Автор не раз ставит их в ситуации, когда необходимо отреагировать на «необыкновенные явления». Достаточно вспомнить, что узнавание Воланда происходит почти мгновенно.

«— Вчера на Патриарших прудах вы встретились с сатаной... — Лишь только вы начали его описывать... я уже стал догадываться, с кем вы вчера имели удовольствие беседовать... Первые же речи этого профессора рассеяли всякие мои сомнения... Ваш собеседник был и у Пилата, и на завтраке у Канта, а теперь он навестил Москву» (5, 132—134). Как уже было отмечено, никакие «галлюцинации» в качестве объяснения происходящего Мастером не призываются. «После всех волшебств и чудес сегодняшнего вечера она уже догадывалась, к кому именно в гости ее везут» (5, 240), — сказано о Маргарите. Она также не прибегает к спасительному для человека массы «померещилось» или «этого не может быть» при встрече с Азазелло, а «великий бал у сатаны» и «извлечение Мастера» не воспринимает как развернутое во времени и деталях видение. В то же время все, что рассказывает Наташа о знаменитом сеансе «фокусника» в театре, для Маргариты не более, чем «вранье». Мнимое она ничем, кроме мнимого, не считает.

Отмеченная особенность служит приметой более существенного, в полном смысле личностного качества — устремленности на поиск истины. Но, найденная, она не объявляется таковой во избежание «путаницы» истинного и ложного.
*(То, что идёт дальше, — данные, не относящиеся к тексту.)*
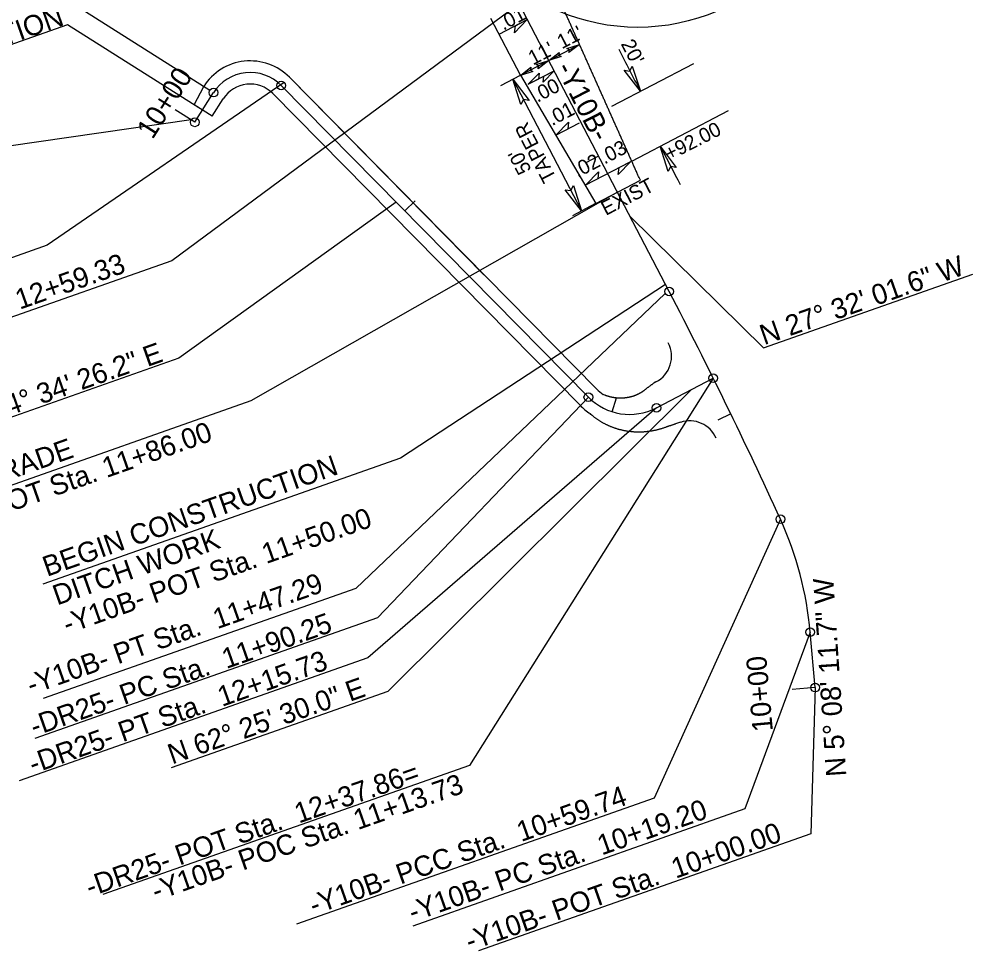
# Model space of a CAD drawing. Extents: x 472216 to 481979, y 489069 to 507339.
# Drawn here: x 475097.2 to 475426.6, y 501650.2 to 501972.1 of the extents above; entities that cross this region are included whole.
import ezdxf

# ---------------------------------------------------------------- set-up
doc = ezdxf.new("R2010")
doc.units = 0
for name, color, linetype in [('Old_Level_12', 7, 'Continuous'), ('Prop Drainage Structure Drop Inlet Grate 2 Narrow Slots and Sag Grates 840 24 CELL', 7, 'Continuous'), ('Prop Drainage Structure Drop Inlet Grate 2 Wide Slots and Sag Grates 840 22 Label', 7, 'Continuous'), ('Prop Drainage Structure Outlet Berm Ditch 850 10 CELL', 7, 'Continuous'), ('Prop Drainage Structure Pipe CSP 15in', 7, 'Continuous'), ('Prop Drainage Structure Pipe RCP 24in Class III Label', 7, 'Continuous'), ('Prop Grid Mask', 7, 'Continuous'), ('Sheet Block Revision CELL', 7, 'Continuous'), ('Sheet North Arrow Point CELL', 7, 'Continuous'), ('Sheet PE Seal Cell', 7, 'Continuous'), ('Sheet Plan And Profile CELL', 7, 'Continuous'), ('Sheet Plot Border Outside CELL', 7, 'Continuous'), ('Sheet Profile Grid Major CELL', 7, 'Continuous'), ('Sheet Profile Grid Minor CELL', 7, 'Continuous')]:
    doc.layers.add(name, color=color, linetype=linetype)

msp = doc.modelspace()

# ---------------------------------------------------------------- linework, layer by layer
at = {"layer": 'Old_Level_12'}
for p, q in [((475163.09, 501947.48), (475106.2, 501983.48)), ((475269.91, 501977.34), (475149.97, 501888.63)), ((475113.99, 501970.13), (474986.13, 501925.05)), ((475159.28, 501941.46), (475113.99, 501970.13)), ((475188.79, 501950.23), (475106.98, 501894)), ((475156.61, 501937.24), (475093.66, 501928.19)), ((475303.81, 501912.31), (475177.25, 501840.27)), ((475227.42, 501908.88), (475152.41, 501854.98)), ((475308.14, 501904), (475354.22, 501858.52)), ((475106.98, 501894), (474994.46, 501854.33)), ((475149.97, 501888.63), (475033.09, 501847.41)), ((475354.22, 501858.52), (475426.58, 501884.04)), ((475320.45, 501880.39), (475228.9, 501820.45)), ((475320.37, 501877.29), (475213.54, 501775.43)), ((475152.41, 501854.98), (475078.23, 501828.82)), ((475336.91, 501848.07), (475252.74, 501714.31)), ((475329.41, 501844.15), (475224.54, 501739.85)), ((475177.25, 501840.27), (475053.77, 501796.73)), ((475293.79, 501841.52), (475221.03, 501765.3)), ((475317.3, 501837.82), (475217.66, 501751.45)), ((475228.9, 501820.45), (475105.42, 501776.91)), ((475360.1, 501799.32), (475316.54, 501702.96)), ((475213.54, 501775.43), (475105.57, 501737.36)), ((475221.03, 501765.3), (475102.73, 501723.59)), ((475370.41, 501760.31), (475347.87, 501699.29)), ((475217.66, 501751.45), (475097.32, 501709.02)), ((475372.13, 501741.18), (475370.66, 501690.68)), ((475224.54, 501739.85), (475149.78, 501713.49)), ((475252.74, 501714.31), (475126.13, 501669.67)), ((475316.54, 501702.96), (475193.07, 501659.42)), ((475347.87, 501699.29), (475233.14, 501658.83)), ((475370.66, 501690.68), (475255.92, 501650.22))]:
    msp.add_line(p, q, dxfattribs=at)
for centre in [(475187.72, 501949.18), (475187.72, 501949.18), (475164.36, 501946.68), (475164.36, 501946.68), (475157.88, 501936.43), (475157.88, 501936.43), (475321.7, 501877.98), (475321.7, 501877.98), (475336.91, 501848.07), (475293.79, 501841.52), (475293.79, 501841.52), (475317.3, 501837.82), (475317.3, 501837.82), (475360.1, 501799.32), (475370.41, 501760.31), (475372.13, 501741.18)]:
    msp.add_circle(centre, 1.5, dxfattribs=at)
at = {"layer": 'Prop Drainage Structure Drop Inlet Grate 2 Narrow Slots and Sag Grates 840 24 CELL'}
for points in [[(475272.72, 501971.94), (475268.32, 501967.4), (475268.62, 501969.81)], [(475273.06, 501949.57), (475276.82, 501953.45), (475276.56, 501951.39)], [(475281.97, 501954.21), (475278.21, 501950.33), (475278.47, 501952.38)], [(475282.57, 501931.97), (475286.97, 501936.52), (475286.67, 501934.11)], [(475308.48, 501922.92), (475304.09, 501918.38), (475304.38, 501920.79)], [(475292.94, 501914.82), (475297.34, 501919.37), (475297.05, 501916.96)]]:
    msp.add_lwpolyline(points, close=True, dxfattribs=at)
at = {"layer": 'Prop Drainage Structure Drop Inlet Grate 2 Wide Slots and Sag Grates 840 22 Label'}
for p, q in [((475262.97, 501966.86), (475272.72, 501971.94)), ((475301.9, 501942.04), (475330.17, 501956.78)), ((475273.06, 501949.57), (475281.97, 501954.21)), ((475308.75, 501923.06), (475342.2, 501940.5)), ((475282.57, 501931.97), (475290.78, 501936.25)), ((475292.94, 501914.82), (475308.48, 501922.92))]:
    msp.add_line(p, q, dxfattribs=at)
for points in [[(475308.92, 501955.85), (475311.8, 501947.19), (475306.11, 501954.41), (475308.07, 501954.15)], [(475321.31, 501919.48), (475318.63, 501928.21), (475324.14, 501920.86), (475322.19, 501921.16)]]:
    msp.add_lwpolyline(points, close=True, dxfattribs=at)
for centre, start in [((476115.78, 502373.47), 206.90539), ((476129.54, 502341.17), 206.98747)]:
    msp.add_arc(centre, 910, start, 207.93192, dxfattribs=at)
at = {"layer": 'Prop Drainage Structure Outlet Berm Ditch 850 10 CELL'}
for points in [[(475286.41, 501961.91), (475290.75, 501963.3), (475287.11, 501960.5), (475287.25, 501961.48)], [(475284.46, 501959.15), (475280.12, 501957.76), (475283.76, 501960.56), (475283.62, 501959.58)], [(475274.67, 501954.04), (475270.32, 501952.65), (475273.96, 501955.45), (475273.82, 501954.47)], [(475275.77, 501956.36), (475280.12, 501957.76), (475276.47, 501954.95), (475276.61, 501955.93)], [(475270.53, 501942.61), (475267.75, 501951.31), (475273.35, 501944.02), (475271.4, 501944.3)], [(475288.65, 501914.56), (475291.44, 501905.86), (475285.84, 501913.15), (475287.79, 501912.87)]]:
    msp.add_lwpolyline(points, close=True, dxfattribs=at)
at = {"layer": 'Prop Drainage Structure Pipe RCP 24in Class III Label'}
for p, q in [((475270.33, 501952.74), (475260.15, 501972.25)), ((475190.57, 501951.99), (475296.64, 501844.32)), ((475190.57, 501951.99), (475296.64, 501844.32)), ((475270.33, 501952.74), (475296.37, 501908.43)), ((475157.72, 501942.45), (475160.98, 501948.81)), ((475157.72, 501942.45), (475160.98, 501948.81)), ((475184.87, 501946.37), (475290.94, 501838.71)), ((475184.87, 501946.37), (475290.94, 501838.71)), ((475163.89, 501938.54), (475157.72, 501942.45)), ((475163.89, 501938.54), (475157.72, 501942.45)), ((475163.89, 501938.54), (475167.74, 501944.54)), ((475163.89, 501938.54), (475167.74, 501944.54)), ((475296.37, 501908.43), (475311.78, 501916.46)), ((475317.15, 501846.77), (475316.49, 501846.43)), ((475317.15, 501846.77), (475316.49, 501846.43)), ((475325.58, 501832.81), (475323.9, 501832.24)), ((475325.58, 501832.81), (475323.9, 501832.24))]:
    msp.add_line(p, q, dxfattribs=at)
for centre, radius, start, end in [((475177.03, 501938.65), 19, 44.574, 147.6705), ((475177.03, 501938.65), 19, 44.574, 147.6705), ((475177.03, 501938.65), 11, 44.574, 147.6705), ((475177.03, 501938.65), 11, 44.574, 147.6705), ((475312.52, 501855.64), 10, 297.575, 27.3501), ((475312.52, 501855.64), 10, 297.575, 27.3501), ((475308.04, 501855.55), 16, 224.574, 235.3093), ((475308.04, 501855.55), 16, 224.574, 235.3093), ((475308.04, 501855.55), 24, 224.574, 235.3093), ((475308.04, 501855.55), 24, 224.574, 235.3093), ((475328.75, 501823.32), 10, 23.4716, 108.4915), ((475328.75, 501823.32), 10, 23.4716, 108.4915)]:
    msp.add_arc(centre, radius, start, end, dxfattribs=at)
for points in [[(475290.75, 501963.3), (475290.48, 501963.92), (475290.2, 501964.54), (475289.93, 501965.16), (475289.65, 501965.77), (475289.37, 501966.39), (475289.1, 501967.01), (475288.82, 501967.63), (475288.54, 501968.24), (475288.27, 501968.86), (475287.99, 501969.48), (475287.71, 501970.1), (475287.44, 501970.72), (475287.16, 501971.33), (475286.89, 501971.95), (475286.61, 501972.57), (475286.33, 501973.19), (475286.06, 501973.81), (475285.78, 501974.42), (475285.5, 501975.04), (475285.23, 501975.66), (475284.95, 501976.28), (475284.67, 501976.9), (475284.4, 501977.51), (475284.12, 501978.13), (475283.85, 501978.75), (475283.57, 501979.37), (475283.29, 501979.98), (475283.02, 501980.6), (475282.74, 501981.22), (475282.46, 501981.84), (475282.19, 501982.46), (475281.91, 501983.07), (475281.64, 501983.67), (475281.4, 501984.23), (475281.17, 501984.8), (475280.94, 501985.36), (475280.72, 501985.93), (475280.5, 501986.5), (475280.29, 501987.07), (475280.09, 501987.64), (475279.9, 501988.22), (475279.71, 501988.79), (475279.52, 501989.37), (475279.34, 501989.95), (475279.17, 501990.53), (475279.01, 501991.11), (475278.85, 501991.7), (475278.7, 501992.28), (475278.55, 501992.87), (475278.41, 501993.46), (475278.28, 501994.04), (475278.15, 501994.63), (475278.04, 501995.22), (475277.92, 501995.81), (475277.82, 501996.41), (475277.72, 501997), (475277.62, 501997.59), (475277.53, 501998.19), (475277.45, 501998.78), (475277.38, 501999.37), (475277.31, 501999.97), (475277.25, 502000.56), (475277.19, 502001.16), (475277.15, 502001.75), (475277.1, 502002.35), (475277.07, 502002.94), (475277.04, 502003.54), (475277.02, 502004.13), (475277, 502004.73), (475276.99, 502005.32), (475276.99, 502005.92), (475276.99, 502006.51), (475277.02, 502007.7)], [(475311.78, 501916.46), (475310.93, 501918.19), (475310.65, 501918.81), (475310.38, 501919.43), (475310.1, 501920.05), (475309.82, 501920.67), (475309.55, 501921.28), (475309.27, 501921.9), (475308.99, 501922.52), (475308.72, 501923.14), (475308.44, 501923.76), (475308.17, 501924.37), (475307.89, 501924.99), (475307.61, 501925.61), (475307.34, 501926.23), (475307.06, 501926.84), (475306.78, 501927.46), (475306.51, 501928.08), (475306.23, 501928.7), (475305.95, 501929.32), (475305.68, 501929.93), (475305.4, 501930.55), (475305.13, 501931.17), (475304.85, 501931.79), (475304.57, 501932.41), (475304.3, 501933.02), (475304.02, 501933.64), (475303.74, 501934.26), (475303.47, 501934.88), (475303.19, 501935.5), (475302.91, 501936.11), (475302.64, 501936.73), (475302.36, 501937.35), (475302.09, 501937.97), (475301.81, 501938.59), (475301.53, 501939.2), (475301.26, 501939.82), (475300.98, 501940.44), (475300.7, 501941.06), (475300.43, 501941.67), (475300.15, 501942.29), (475299.87, 501942.91), (475299.6, 501943.53), (475299.32, 501944.15), (475299.05, 501944.76), (475298.77, 501945.38), (475298.49, 501946), (475298.22, 501946.62), (475297.94, 501947.24), (475297.66, 501947.85), (475297.39, 501948.47), (475297.11, 501949.09), (475296.83, 501949.71), (475296.56, 501950.33), (475296.28, 501950.94), (475296.01, 501951.56), (475295.73, 501952.18), (475295.45, 501952.8), (475295.18, 501953.41), (475294.9, 501954.03), (475294.62, 501954.65), (475294.35, 501955.27), (475294.07, 501955.89), (475293.79, 501956.5), (475293.52, 501957.12), (475293.24, 501957.74), (475292.97, 501958.36), (475292.69, 501958.98), (475292.41, 501959.59), (475292.14, 501960.21), (475291.86, 501960.83), (475291.58, 501961.45), (475291.31, 501962.07), (475291.03, 501962.68), (475290.75, 501963.3)], [(475316.49, 501846.43), (475316.21, 501846.22), (475315.94, 501846.02), (475315.67, 501845.81), (475315.39, 501845.61), (475315.12, 501845.41), (475314.84, 501845.2), (475314.57, 501845), (475314.29, 501844.79), (475314.02, 501844.59), (475313.78, 501844.4), (475313.62, 501844.26), (475313.45, 501844.12), (475313.28, 501843.98), (475313.1, 501843.84), (475312.92, 501843.71), (475312.74, 501843.58), (475312.56, 501843.45), (475312.37, 501843.32), (475312.18, 501843.2), (475311.99, 501843.08), (475311.79, 501842.97), (475311.6, 501842.85), (475311.39, 501842.74), (475311.19, 501842.63), (475310.98, 501842.53), (475310.77, 501842.43), (475310.56, 501842.33), (475310.35, 501842.24), (475310.13, 501842.15), (475309.91, 501842.06), (475309.69, 501841.98), (475309.47, 501841.9), (475309.24, 501841.82), (475309.01, 501841.75), (475308.78, 501841.68), (475308.55, 501841.62), (475308.31, 501841.56), (475308.08, 501841.5), (475307.84, 501841.45), (475307.6, 501841.4), (475307.36, 501841.35), (475307.11, 501841.31), (475306.87, 501841.28), (475306.62, 501841.24), (475306.38, 501841.22), (475306.13, 501841.19), (475305.88, 501841.17), (475305.62, 501841.16), (475305.37, 501841.15), (475305.12, 501841.14), (475304.86, 501841.14), (475304.61, 501841.14), (475304.35, 501841.15), (475304.09, 501841.16), (475303.84, 501841.18), (475303.58, 501841.2), (475303.32, 501841.23), (475303.06, 501841.26), (475302.8, 501841.3), (475302.54, 501841.34), (475302.28, 501841.38), (475302.02, 501841.43), (475301.76, 501841.48), (475301.5, 501841.54), (475301.24, 501841.61), (475300.99, 501841.68), (475300.73, 501841.75), (475300.47, 501841.83), (475300.21, 501841.91), (475299.95, 501842), (475299.7, 501842.09), (475299.44, 501842.19), (475298.93, 501842.4)], [(475316.49, 501846.43), (475316.21, 501846.22), (475315.94, 501846.02), (475315.67, 501845.81), (475315.39, 501845.61), (475315.12, 501845.41), (475314.84, 501845.2), (475314.57, 501845), (475314.29, 501844.79), (475314.02, 501844.59), (475313.78, 501844.4), (475313.62, 501844.26), (475313.45, 501844.12), (475313.28, 501843.98), (475313.1, 501843.84), (475312.92, 501843.71), (475312.74, 501843.58), (475312.56, 501843.45), (475312.37, 501843.32), (475312.18, 501843.2), (475311.99, 501843.08), (475311.79, 501842.97), (475311.6, 501842.85), (475311.39, 501842.74), (475311.19, 501842.63), (475310.98, 501842.53), (475310.77, 501842.43), (475310.56, 501842.33), (475310.35, 501842.24), (475310.13, 501842.15), (475309.91, 501842.06), (475309.69, 501841.98), (475309.47, 501841.9), (475309.24, 501841.82), (475309.01, 501841.75), (475308.78, 501841.68), (475308.55, 501841.62), (475308.31, 501841.56), (475308.08, 501841.5), (475307.84, 501841.45), (475307.6, 501841.4), (475307.36, 501841.35), (475307.11, 501841.31), (475306.87, 501841.28), (475306.62, 501841.24), (475306.38, 501841.22), (475306.13, 501841.19), (475305.88, 501841.17), (475305.62, 501841.16), (475305.37, 501841.15), (475305.12, 501841.14), (475304.86, 501841.14), (475304.61, 501841.14), (475304.35, 501841.15), (475304.09, 501841.16), (475303.84, 501841.18), (475303.58, 501841.2), (475303.32, 501841.23), (475303.06, 501841.26), (475302.8, 501841.3), (475302.54, 501841.34), (475302.28, 501841.38), (475302.02, 501841.43), (475301.76, 501841.48), (475301.5, 501841.54), (475301.24, 501841.61), (475300.99, 501841.68), (475300.73, 501841.75), (475300.47, 501841.83), (475300.21, 501841.91), (475299.95, 501842), (475299.7, 501842.09), (475299.44, 501842.19), (475298.93, 501842.4)], [(475323.9, 501832.24), (475323.57, 501832.14), (475323.25, 501832.03), (475322.92, 501831.92), (475322.6, 501831.81), (475322.27, 501831.7), (475321.95, 501831.59), (475321.62, 501831.49), (475321.3, 501831.38), (475320.98, 501831.27), (475320.61, 501831.14), (475320.18, 501830.98), (475319.74, 501830.83), (475319.29, 501830.68), (475318.85, 501830.55), (475318.41, 501830.42), (475317.96, 501830.3), (475317.51, 501830.18), (475317.07, 501830.08), (475316.62, 501829.98), (475316.17, 501829.89), (475315.72, 501829.81), (475315.27, 501829.73), (475314.82, 501829.67), (475314.36, 501829.61), (475313.91, 501829.56), (475313.46, 501829.52), (475313.01, 501829.48), (475312.56, 501829.45), (475312.11, 501829.44), (475311.66, 501829.42), (475311.21, 501829.42), (475310.77, 501829.42), (475310.32, 501829.44), (475309.88, 501829.45), (475309.43, 501829.48), (475308.99, 501829.52), (475308.55, 501829.56), (475308.11, 501829.61), (475307.67, 501829.66), (475307.24, 501829.73), (475306.8, 501829.8), (475306.37, 501829.88), (475305.94, 501829.96), (475305.52, 501830.06), (475305.09, 501830.16), (475304.67, 501830.26), (475304.25, 501830.38), (475303.84, 501830.5), (475303.42, 501830.63), (475303.01, 501830.76), (475302.61, 501830.9), (475302.2, 501831.05), (475301.8, 501831.2), (475301.41, 501831.36), (475301.02, 501831.53), (475300.63, 501831.71), (475300.24, 501831.89), (475299.86, 501832.07), (475299.48, 501832.26), (475299.11, 501832.46), (475298.74, 501832.67), (475298.38, 501832.88), (475298.02, 501833.09), (475297.66, 501833.31), (475297.31, 501833.54), (475296.97, 501833.77), (475296.63, 501834.01), (475296.29, 501834.25), (475295.96, 501834.5), (475295.63, 501834.76), (475295.31, 501835.01), (475295, 501835.28), (475294.38, 501835.82)], [(475323.9, 501832.24), (475323.57, 501832.14), (475323.25, 501832.03), (475322.92, 501831.92), (475322.6, 501831.81), (475322.27, 501831.7), (475321.95, 501831.59), (475321.62, 501831.49), (475321.3, 501831.38), (475320.98, 501831.27), (475320.61, 501831.14), (475320.18, 501830.98), (475319.74, 501830.83), (475319.29, 501830.68), (475318.85, 501830.55), (475318.41, 501830.42), (475317.96, 501830.3), (475317.51, 501830.18), (475317.07, 501830.08), (475316.62, 501829.98), (475316.17, 501829.89), (475315.72, 501829.81), (475315.27, 501829.73), (475314.82, 501829.67), (475314.36, 501829.61), (475313.91, 501829.56), (475313.46, 501829.52), (475313.01, 501829.48), (475312.56, 501829.45), (475312.11, 501829.44), (475311.66, 501829.42), (475311.21, 501829.42), (475310.77, 501829.42), (475310.32, 501829.44), (475309.88, 501829.45), (475309.43, 501829.48), (475308.99, 501829.52), (475308.55, 501829.56), (475308.11, 501829.61), (475307.67, 501829.66), (475307.24, 501829.73), (475306.8, 501829.8), (475306.37, 501829.88), (475305.94, 501829.96), (475305.52, 501830.06), (475305.09, 501830.16), (475304.67, 501830.26), (475304.25, 501830.38), (475303.84, 501830.5), (475303.42, 501830.63), (475303.01, 501830.76), (475302.61, 501830.9), (475302.2, 501831.05), (475301.8, 501831.2), (475301.41, 501831.36), (475301.02, 501831.53), (475300.63, 501831.71), (475300.24, 501831.89), (475299.86, 501832.07), (475299.48, 501832.26), (475299.11, 501832.46), (475298.74, 501832.67), (475298.38, 501832.88), (475298.02, 501833.09), (475297.66, 501833.31), (475297.31, 501833.54), (475296.97, 501833.77), (475296.63, 501834.01), (475296.29, 501834.25), (475295.96, 501834.5), (475295.63, 501834.76), (475295.31, 501835.01), (475295, 501835.28), (475294.38, 501835.82)]]:
    msp.add_spline(points, degree=3, dxfattribs=at)
at = {"layer": 'Prop Grid Mask'}
msp.add_line((475190.57, 501951.99), (475257.74, 501883.81), dxfattribs=at)
msp.add_line((475190.57, 501951.99), (475257.74, 501883.81), dxfattribs=at)
msp.add_arc((475177.03, 501938.65), 19, 44.574, 147.6705, dxfattribs=at)
msp.add_arc((475177.03, 501938.65), 19, 44.574, 147.6705, dxfattribs=at)
at = {"layer": 'Sheet Block Revision CELL'}
for p, q in [((475270.36, 501952.67), (475290.75, 501963.3)), ((475263.54, 501949.11), (475270.36, 501952.67)), ((475267.75, 501951.31), (475291.44, 501905.86)), ((475288.44, 501904.3), (475296.43, 501908.46))]:
    msp.add_line(p, q, dxfattribs=at)
at = {"layer": 'Sheet North Arrow Point CELL'}
for p, q in [((475321.7, 501877.98), (475269.91, 501977.34)), ((475187.72, 501949.18), (475293.79, 501841.52)), ((475187.72, 501949.18), (475293.79, 501841.52)), ((475157.88, 501936.43), (475164.36, 501946.68)), ((475157.88, 501936.43), (475164.36, 501946.68)), ((475317.3, 501837.82), (475336.91, 501848.07)), ((475317.3, 501837.82), (475336.91, 501848.07)), ((475372.13, 501741.18), (475370.41, 501760.31))]:
    msp.add_line(p, q, dxfattribs=at)
for centre, radius, start, end in [((475177.03, 501938.65), 15, 44.574, 147.6705), ((475177.03, 501938.65), 15, 44.574, 147.6705), ((473858.59, 501115.23), 1650, 24.49379, 27.53379), ((475308.04, 501855.55), 20, 224.574, 297.575), ((475308.04, 501855.55), 20, 224.574, 297.575), ((475250.89, 501749.56), 120, 5.1366, 24.4938)]:
    msp.add_arc(centre, radius, start, end, dxfattribs=at)
at = {"layer": 'Sheet PE Seal Cell'}
for p, q in [((475297.34, 501924.72), (475292.9, 501922.41)), ((475230.45, 501905.81), (475234.01, 501909.32)), ((475230.45, 501905.81), (475234.01, 501909.32)), ((475302.03, 501836.48), (475303.53, 501841.25)), ((475302.03, 501836.48), (475303.53, 501841.25)), ((475342.96, 501835.74), (475338.46, 501833.56))]:
    msp.add_line(p, q, dxfattribs=at)
at = {"layer": 'Sheet Plot Border Outside CELL'}
msp.add_circle((475310.9, 502038.88), 69.64, dxfattribs=at)
at = {"layer": 'Sheet Profile Grid Minor CELL'}
for p, q in [((475157.88, 501936.43), (475151.12, 501940.71)), ((475157.88, 501936.43), (475151.12, 501940.71)), ((475372.13, 501741.18), (475364.16, 501740.47))]:
    msp.add_line(p, q, dxfattribs=at)

# ---------------------------------------------------------------- texts
at = {"layer": 'Old_Level_12'}
for s, rotation, p in [('BEGIN CONSTRUCTION', 19.3241, (475012.11, 501934.72)), ('-Y10B- PC Sta.  12+59.33', 19.423, (475032.19, 501848.67)), ('-Y10B- POT Sta. 11+86.00', 19.423, (475058.73, 501789.34)), ('BEGIN GRADE', 19.423, (475055.24, 501799.24)), ('BEGIN CONSTRUCTION', 19.423, (475106.89, 501779.42)), ('-Y10B- POT Sta. 11+50.00', 19.423, (475113.87, 501759.62)), ('DITCH WORK', 19.423, (475110.38, 501769.52)), ('-Y10B- PT Sta.  11+47.29', 19.423, (475101.41, 501738.66)), ('-DR25- PC Sta.  11+90.25', 19.3711, (475102.53, 501724.29)), ('-DR25- PT Sta.  12+15.73', 19.5584, (475102.12, 501711.33)), ('-DR25- POT Sta.  12+37.86=', 19.3866, (475121.71, 501668.81)), ('-Y10B- POC Sta. 11+13.73', 19.3866, (475144.51, 501667.42)), ('-Y10B- PCC Sta.  10+59.74', 19.423, (475198.97, 501662.56)), ('-Y10B- PC Sta.  10+19.20', 19.423, (475233.15, 501660.16)), ('-Y10B- POT Sta.  10+00.00', 19.423, (475252.83, 501650.07))]:
    msp.add_text(s, height=7, rotation=rotation, dxfattribs=at).set_placement(p)
at = {"layer": 'Prop Drainage Structure Drop Inlet Grate 2 Narrow Slots and Sag Grates 840 24 CELL'}
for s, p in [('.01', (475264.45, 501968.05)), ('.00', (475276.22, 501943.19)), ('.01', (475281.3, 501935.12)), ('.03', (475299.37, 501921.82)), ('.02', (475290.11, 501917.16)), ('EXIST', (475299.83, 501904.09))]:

Свое сокровенное «О, как я все угадал!» Мастер произнес не раньше, чем услышал (в пересказе Ивана Бездомного) неоспоримое подтверждение очевидца в лице Воланда. А обретенное героями понимание истинной любви, воплощенное в признаниях «Сделать ее несчастной? Нет, на это я не способен» (5, 146) и «Я погибаю вместе с тобой» (5, 145), а также истина самозабвения спутницы большого таланта («Она... говорила, что в этом романе — ее жизнь» — (5, 139)) не столько декларативны и «солидны», как «теории» Берлиоза, но безыскусственны и не поддаются опровержению.

Отсюда проистекает способность не только отличить добро от зла, но и распознать одно в другом. Так, апелляция к всесильности Воланда и согласие с ролью королевы на его балу имеет для Маргариты в основе идею спасения Мастера, а по ходу событий обнаруживает рефлекторное милосердие как «потенциальность» добра — прощение Фриды. Так, неукротимый порыв мщения в «Доме Драмлита» сменяется сказкой для испуганного ребенка, чьи слезы нельзя оправдать собственным горем.

Подчинившись той же логике постижения, что и человек массы, Маргарита и Мастер на каждом этапе демонстрируют поведение, совершенно отличное от него. Таким образом, еще один из критериев принадлежности к миру личностей оказывается определен. Им становится образ поведения героев внутри безукоризненно соблюдаемой схемы: «узнавание» явления эмпирической реальности — выведение превалирующей идеи — действенное участие в приумножении добра или зла.

Человек массы «обзавелся кругом понятий,.. полагает их достаточными... И, ни в чем нужды не чувствуя, окончательно замыкается в этом кругу» (96, 321). Личность же исходит из принципа: «Кто жаждет идей, должен прежде их домогаться истины и принимать те правила игры, которых она требует» (96, 323). Прочтение романа «Мастер и Маргарита» под предлагаемым углом зрения позволяет утверждать, что первым в ряду данных правил становится способность на начальном этапе схемы реализовать «потенциальность», восходящую к пушкинской формуле «виждь и внемли». Она означает также, что реакцией на явление из разряда «необыкновенных» должна быть готовность разорвать замкнутый круг якобы достаточных понятий, преодолев тем самым пассивное сознание и привычку к «обузданию» личностного начала.